## Exercise brief:
Reproduce the listing below exactly, minus its pictures.

-------

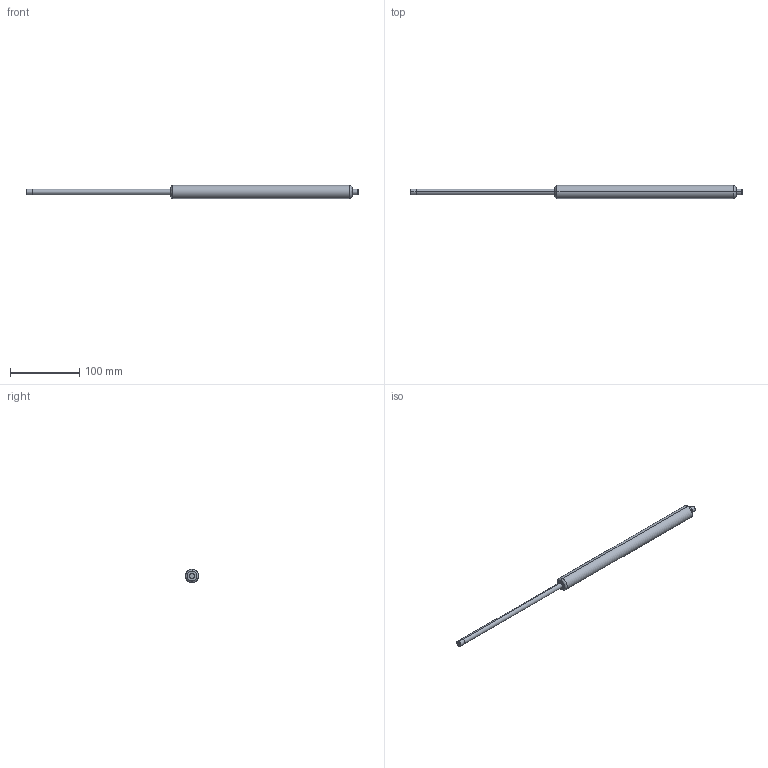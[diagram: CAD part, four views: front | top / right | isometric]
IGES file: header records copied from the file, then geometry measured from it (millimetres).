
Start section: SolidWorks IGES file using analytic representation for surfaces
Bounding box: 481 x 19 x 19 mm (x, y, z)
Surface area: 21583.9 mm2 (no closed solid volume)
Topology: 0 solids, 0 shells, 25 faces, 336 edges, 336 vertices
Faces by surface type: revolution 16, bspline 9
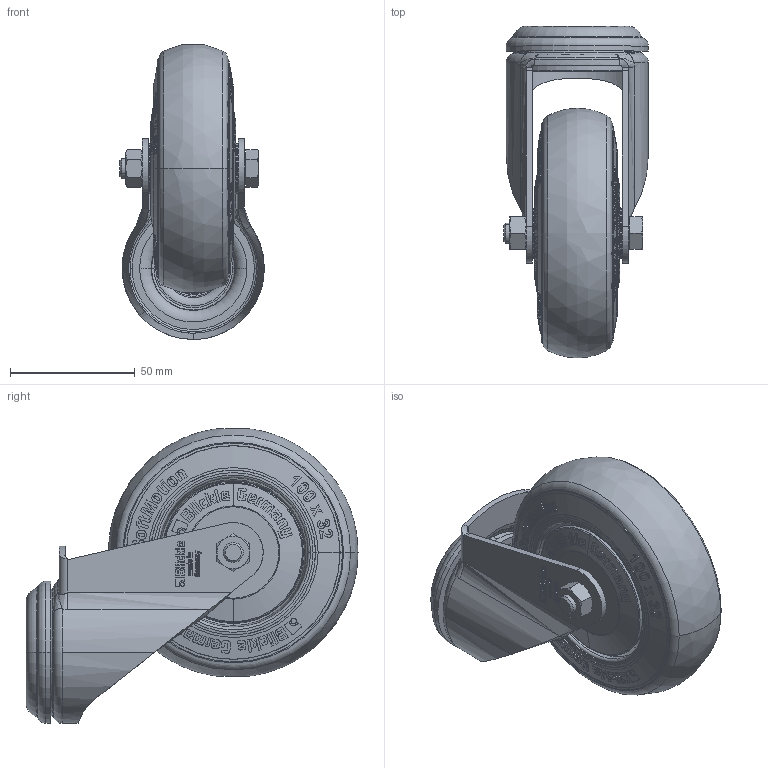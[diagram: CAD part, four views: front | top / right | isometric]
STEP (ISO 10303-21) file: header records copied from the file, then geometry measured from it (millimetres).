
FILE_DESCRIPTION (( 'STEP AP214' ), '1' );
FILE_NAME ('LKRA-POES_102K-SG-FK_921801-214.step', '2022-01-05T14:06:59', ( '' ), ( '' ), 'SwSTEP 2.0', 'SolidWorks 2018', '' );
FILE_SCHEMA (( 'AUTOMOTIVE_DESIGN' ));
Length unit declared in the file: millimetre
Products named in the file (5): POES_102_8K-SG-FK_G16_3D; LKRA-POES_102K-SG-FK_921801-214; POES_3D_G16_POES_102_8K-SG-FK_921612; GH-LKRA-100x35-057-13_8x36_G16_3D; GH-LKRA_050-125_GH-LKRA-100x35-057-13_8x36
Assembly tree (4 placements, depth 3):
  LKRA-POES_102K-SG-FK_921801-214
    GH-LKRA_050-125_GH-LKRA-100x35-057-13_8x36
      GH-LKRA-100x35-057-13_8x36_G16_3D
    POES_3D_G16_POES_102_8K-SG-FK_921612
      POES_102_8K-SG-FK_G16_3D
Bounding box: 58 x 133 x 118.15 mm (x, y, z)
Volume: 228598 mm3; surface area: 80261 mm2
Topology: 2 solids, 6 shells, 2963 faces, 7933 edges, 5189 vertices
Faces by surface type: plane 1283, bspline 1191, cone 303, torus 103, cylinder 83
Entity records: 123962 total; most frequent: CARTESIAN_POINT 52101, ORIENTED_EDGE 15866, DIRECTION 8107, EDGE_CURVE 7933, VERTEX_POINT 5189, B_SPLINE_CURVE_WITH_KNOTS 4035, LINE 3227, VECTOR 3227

-------

## Result of the exercise:
[diagram: CAD part, four views: front | top / right | isometric]
IGES file: header records copied from the file, then geometry measured from it (millimetres).
Start section: SolidWorks IGES file using analytic representation for surfaces
Bounding box: 481 x 19 x 19 mm (x, y, z)
Surface area: 21583.9 mm2 (no closed solid volume)
Topology: 0 solids, 0 shells, 25 faces, 336 edges, 336 vertices
Faces by surface type: revolution 16, bspline 9
[diagram: CAD part, four views: front | top / right | isometric]
STEP (ISO 10303-21) file: header records copied from the file, then geometry measured from it (millimetres).
FILE_DESCRIPTION (( 'STEP AP214' ), '1' );
FILE_NAME ('LKRA-POES_102K-SG-FK_921801-214.step', '2022-01-05T14:06:59', ( '' ), ( '' ), 'SwSTEP 2.0', 'SolidWorks 2018', '' );
FILE_SCHEMA (( 'AUTOMOTIVE_DESIGN' ));
Length unit declared in the file: millimetre
Products named in the file (5): POES_102_8K-SG-FK_G16_3D; LKRA-POES_102K-SG-FK_921801-214; POES_3D_G16_POES_102_8K-SG-FK_921612; GH-LKRA-100x35-057-13_8x36_G16_3D; GH-LKRA_050-125_GH-LKRA-100x35-057-13_8x36
Assembly tree (4 placements, depth 3):
  LKRA-POES_102K-SG-FK_921801-214
    GH-LKRA_050-125_GH-LKRA-100x35-057-13_8x36
      GH-LKRA-100x35-057-13_8x36_G16_3D
    POES_3D_G16_POES_102_8K-SG-FK_921612
      POES_102_8K-SG-FK_G16_3D
Bounding box: 58 x 133 x 118.15 mm (x, y, z)
Volume: 228598 mm3; surface area: 80261 mm2
Topology: 2 solids, 6 shells, 2963 faces, 7933 edges, 5189 vertices
Faces by surface type: plane 1283, bspline 1191, cone 303, torus 103, cylinder 83
Entity records: 123962 total; most frequent: CARTESIAN_POINT 52101, ORIENTED_EDGE 15866, DIRECTION 8107, EDGE_CURVE 7933, VERTEX_POINT 5189, B_SPLINE_CURVE_WITH_KNOTS 4035, LINE 3227, VECTOR 3227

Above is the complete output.